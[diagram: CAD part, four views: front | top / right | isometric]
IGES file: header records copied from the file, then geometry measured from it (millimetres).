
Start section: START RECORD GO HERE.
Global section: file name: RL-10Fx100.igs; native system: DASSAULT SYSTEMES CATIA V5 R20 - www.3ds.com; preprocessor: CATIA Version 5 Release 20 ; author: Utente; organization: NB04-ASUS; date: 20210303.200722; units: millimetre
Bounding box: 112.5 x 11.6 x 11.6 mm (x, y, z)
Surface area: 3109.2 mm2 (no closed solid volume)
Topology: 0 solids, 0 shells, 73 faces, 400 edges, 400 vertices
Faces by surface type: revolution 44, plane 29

= = = = =

All of the records must be retyped exactly as they are.

[diagram: CAD part, four views: front | top / right | isometric]
IGES file: header records copied from the file, then geometry measured from it (millimetres).
Start section: START RECORD GO HERE.
Global section: file name: RL-10Fx100.igs; native system: DASSAULT SYSTEMES CATIA V5 R20 - www.3ds.com; preprocessor: CATIA Version 5 Release 20 ; author: Utente; organization: NB04-ASUS; date: 20210303.200722; units: millimetre
Bounding box: 112.5 x 11.6 x 11.6 mm (x, y, z)
Surface area: 3109.2 mm2 (no closed solid volume)
Topology: 0 solids, 0 shells, 73 faces, 400 edges, 400 vertices
Faces by surface type: revolution 44, plane 29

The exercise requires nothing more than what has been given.